Bukankah Setan Dipenjara Saat Ramadhan??

“Lalu bagaimana bisa, dia dipenjara tetapi manusia masih saja melakukan dosa???”

Mari kita jalan-jalan sebentar. Menengok kebun yang rimbun dengan berbagai tumbuhan disana. Beberapa daun mulai menguning diantara lebatnya yang hijau. Batang-batang yang kokoh seakan kontras dengan lemahnya rumput yang tumbuh dibawahnya. Meskipun begitu, ia memberi warna sendiri dalam riuhnya alam raya. Pelankan langkahmu, hirup dan nikmati segarnya udara. Didepan sana ada potongan batang pohon. Mari kita duduk barang sebentar. Sekedar mengistirahatkan kaki dan sedikit mempelajari apa yang ingin disampaikan oleh alam. Hey lihatlah, biji pohon mangga yang kamu pendam sudah mulai bertunas. Jika ada umur panjang, mungkin kita akan memanennya bersama.

Seseorang pernah bersamaku disini, ia pun duduk ditempat yang sama denganmu. Bahkan ia mencabut rumput seperti yang kamu lakukan saat ini sambil bertanya “Jika setan dipenjara, dikurung oleh Allah pada bulan Ramadhan. Lantas kenapa manusia masih melakukan perbuatan dosa di bulan itu?”. “Bukankah jika setan dipenjara maka tidak ada lagi penggoda yang akan mengganggu manusia? Artinya semua pihak akan merasa tenang dan melakukan aktivitasnya dengan lurus tanpa ada bisik-bisik negatif dari musuh nyata manusia ini.” tanya dia. Ini seperti deja vu. Kamu bertanya persis hingga intonasinya juga.

Seperti rumput yang kamu cabut. Godaan setan itu pasti memiliki awal. Ia menanam benih. Menyiramnya setiap hari. Memupuknya agar tumbuh subur. Ia berharap benih yang ia tanam kelak akan menjadi pohon yang besar lagi kokoh. Tidak mudah goyah dan patah. Tidak mudah tercerabut dari hati manusia. Ya, seperti rumput yang kamu cabut. Mudah sekali bahkan tidak perlu usaha yang besar.

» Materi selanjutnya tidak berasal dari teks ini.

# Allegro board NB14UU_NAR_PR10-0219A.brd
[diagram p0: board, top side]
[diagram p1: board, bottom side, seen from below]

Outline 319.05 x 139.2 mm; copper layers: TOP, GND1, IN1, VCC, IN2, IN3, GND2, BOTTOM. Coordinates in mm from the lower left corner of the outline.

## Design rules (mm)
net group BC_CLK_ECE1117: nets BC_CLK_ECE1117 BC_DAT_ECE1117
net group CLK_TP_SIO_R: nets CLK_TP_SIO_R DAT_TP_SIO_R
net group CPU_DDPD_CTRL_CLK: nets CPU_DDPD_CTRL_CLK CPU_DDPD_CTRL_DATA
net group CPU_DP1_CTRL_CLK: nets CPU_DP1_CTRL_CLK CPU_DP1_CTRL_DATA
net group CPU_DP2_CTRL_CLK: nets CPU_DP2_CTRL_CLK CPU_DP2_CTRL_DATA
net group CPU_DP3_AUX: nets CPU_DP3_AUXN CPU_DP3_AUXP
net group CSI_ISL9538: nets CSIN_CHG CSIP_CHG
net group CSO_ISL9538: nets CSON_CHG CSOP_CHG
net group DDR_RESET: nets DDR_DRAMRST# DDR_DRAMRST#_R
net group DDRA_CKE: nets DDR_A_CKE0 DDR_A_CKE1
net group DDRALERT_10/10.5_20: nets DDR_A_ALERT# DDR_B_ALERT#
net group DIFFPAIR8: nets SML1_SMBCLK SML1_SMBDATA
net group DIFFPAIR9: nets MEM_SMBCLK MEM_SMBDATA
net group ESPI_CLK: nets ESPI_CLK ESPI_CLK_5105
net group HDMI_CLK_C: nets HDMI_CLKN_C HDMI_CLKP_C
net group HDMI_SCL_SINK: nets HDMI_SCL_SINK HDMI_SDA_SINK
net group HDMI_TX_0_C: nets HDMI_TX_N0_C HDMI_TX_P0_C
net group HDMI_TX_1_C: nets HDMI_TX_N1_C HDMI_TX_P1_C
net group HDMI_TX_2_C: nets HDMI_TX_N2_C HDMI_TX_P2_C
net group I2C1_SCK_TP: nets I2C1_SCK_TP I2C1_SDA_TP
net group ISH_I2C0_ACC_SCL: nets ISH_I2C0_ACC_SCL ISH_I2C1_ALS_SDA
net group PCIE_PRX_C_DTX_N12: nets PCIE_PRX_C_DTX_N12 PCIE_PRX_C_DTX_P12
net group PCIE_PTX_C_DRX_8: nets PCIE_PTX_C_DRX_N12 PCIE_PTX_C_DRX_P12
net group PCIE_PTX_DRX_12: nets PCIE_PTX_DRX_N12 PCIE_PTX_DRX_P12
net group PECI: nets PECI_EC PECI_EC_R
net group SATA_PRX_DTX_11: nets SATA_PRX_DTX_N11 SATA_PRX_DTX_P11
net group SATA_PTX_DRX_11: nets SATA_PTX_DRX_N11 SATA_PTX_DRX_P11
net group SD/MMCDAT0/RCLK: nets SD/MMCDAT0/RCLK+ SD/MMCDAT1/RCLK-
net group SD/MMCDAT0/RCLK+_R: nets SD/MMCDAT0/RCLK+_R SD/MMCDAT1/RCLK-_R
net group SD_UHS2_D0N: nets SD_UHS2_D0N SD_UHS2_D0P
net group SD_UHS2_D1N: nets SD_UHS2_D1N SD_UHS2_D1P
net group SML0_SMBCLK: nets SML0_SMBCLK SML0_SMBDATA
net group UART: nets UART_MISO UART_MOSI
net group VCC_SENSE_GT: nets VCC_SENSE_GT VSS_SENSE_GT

Bandingkan dengan pohon pinus yang ada dibelakangmu itu. Tingginya bahkan melebihimu. Mampukah kamu mencabutnya dari tanah seperti rumput tadi? Tentu tidak mudah. Mungkin mendekati “tidak mungkin/imposible”. Kita butuh alat untuk melakukannya. Bisa dengan gergaji, namun hanya memotongnya sebagian. Akarnya masih berada didalam. Mudah baginya untuk tumbuh lagi. Bisa dengan alat berat dan tentunya merusak tanah yang berada disekitar ia berdiri.

Tunas pohon mangga itu juga sama. Saat ini dengan mudah kita bisa memotong batangnya bahkan hanya dengan kuku jari. Bisa memindahkannya kemanapun kita suka. Bisa membelokkan batangnya seperti bonsai. Bisa juga dipadukan dengan pohon buah lain agar menghasilkan varietas baru. Semua bisa dilakukan sebelum ia menjadi sangat besar dan berbatang keras.

Demikian juga dengan benih setan yang ia tanam dalam hati manusia. Dari kanak-kanak pasti sudah dibisiki olehnya. Karena itulah mengenalkan siapa Tuhannya adalah perlu. Mengenalkan tentang Dzikir juga perlu. Mengenalkan AlQuran dari dini, penting agar ia mampu menghadapi.

Ramadhan memang bulan dimana setan terpasung. Namun bukan berarti tunas dan pohon yang ia tanam otomatis tercerabut. Semua kembali kepada pemilik hati tempat dimana pohon itu ditanam. Jika ia memangkas sedikit demi sedikit setiap detik dengan dzikirullah, niscaya setan akan kesal. Memotongnya dengan Sholat dan Mengaji pasti akan membuat setan meradang. Ditambah lagi dengan alat berat berupa Puasa Daud, wah bagaimana ekspresi setan saat itu ya.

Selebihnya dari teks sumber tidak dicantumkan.